Sergey Levin, co-founder of Physical Intelligence and professor at UC Berkeley, discusses the state of robotics and the path to general-purpose robots.
He predicts that the 'flywheel' of robotic learning—where deployed robots collect data to improve themselves—will begin within 1-2 years for narrow tasks, with a median estimate of five years for a fully autonomous housekeeper.
Levin details Physical Intelligence's technical approach, which involves building on top of open-source foundation models like Google's Gemma and adding a specialized 'action expert' for motor control.
He argues that embodiment provides a crucial 'focusing mechanism' for learning, and that compositional generalization will lead to emergent capabilities, a phenomenon they are already observing in their lab.
12 quotes
Concerns Raised
Identifying the right types of data to scale for robustness and efficiency, not just task diversity.
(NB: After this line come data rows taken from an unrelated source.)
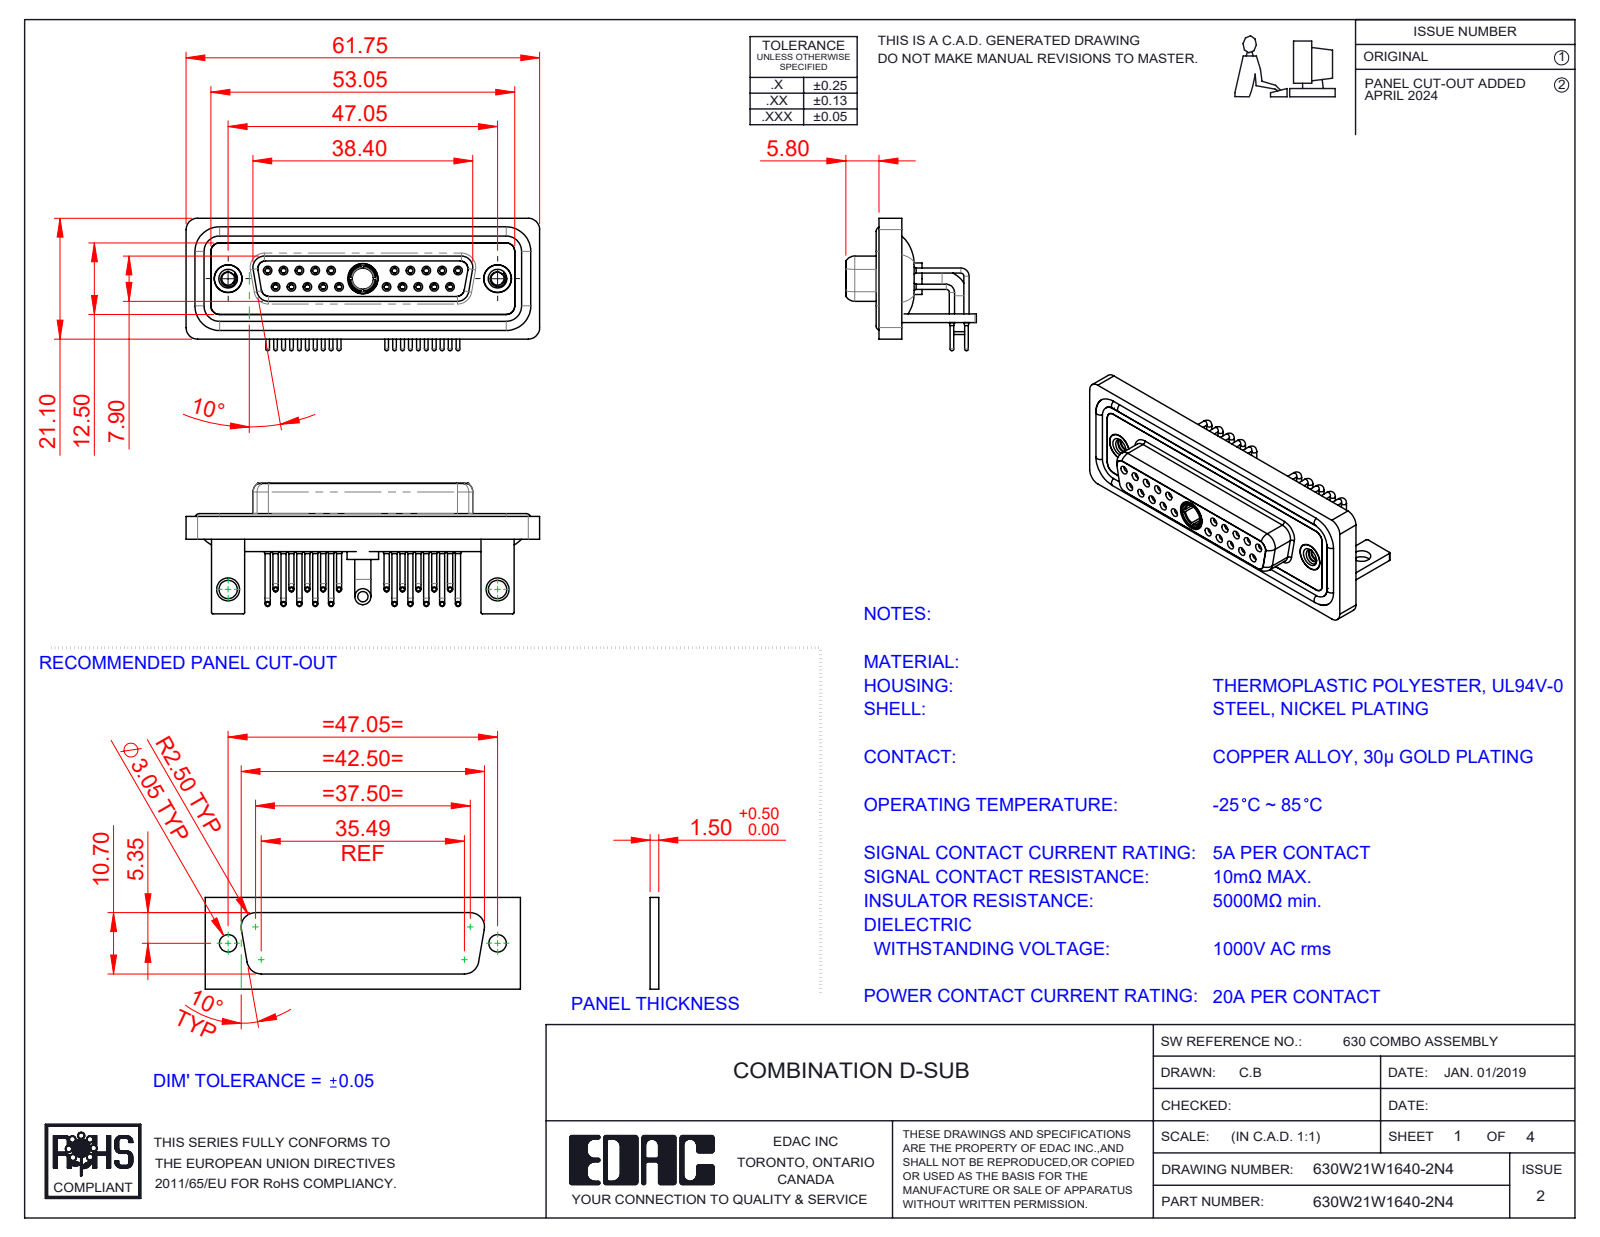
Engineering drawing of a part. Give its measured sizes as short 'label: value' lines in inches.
name: 630Combo Housing_21W1; 630Combo Contact Row 1_50 Contacts; 630Combo Shell Rear_25 Contacts; 630Combo Waterproof Housing_25 Contacts (+6 more)
written by: SolidWorks 2023 (CONFIG_CONTROL_DESIGN)
unit: in
bodies: 31 solids, 1572 faces (454 planar, 697 cylindrical, 421 other)
size: 2.431 × 0.91 × 0.898
volume: 0.541 in³; area: 24.05 in²
holes: 20× ⌀0.035, 20× ⌀0.043, 20× ⌀0.059, 20× ⌀0.079, 10× ⌀0.063, 10× ⌀0.067, 3× ⌀0.191, 2× ⌀0.089, 2× ⌀0.126, 2× ⌀0.157, 2× ⌀0.159, 2× ⌀0.197
bosses: 20× ⌀0.035, 20× ⌀0.026, 14× ⌀0.063, 2× ⌀0.195, 2× ⌀0.189, 2× ⌀0.11, 1× ⌀0.217, 1× ⌀0.205
rounds: 19× R0.079, 18× R0.059, 16× R0.01, 8× R0.053, 8× R0.063, 5× R0.02, 4× R0.024, 4× R0.026
face distances: 0.016, 0.071, 0.114, 0.146, 0.059, 0.161, 0.043, 0.055, 0.063, 0.098
hole spacings: 0.124, 0.109, 0.218, 0.327, 0.198, 0.763, 0.826, 0.872

The computational trilemma of balancing inference speed, context length, and model size for real-time robotics.
The inherent difficulty for models to learn from passive video data (like YouTube) without the focusing mechanism of goal-directed physical interaction.
The challenge of making simulation effective for learning, as it primarily allows for rehearsal rather than acquiring new knowledge about the world.
Opportunities Identified
Initiating a data collection 'flywheel' by deploying robots for useful, narrow tasks in the near term (1-2 years).
Leveraging pre-trained vision-language models (VLMs) to provide a strong foundation of prior knowledge and common sense.
The emergence of complex, untrained behaviors through compositional generalization as models scale.
Developing hybrid inference systems where robots perform reactive tasks locally and offload complex reasoning to the cloud.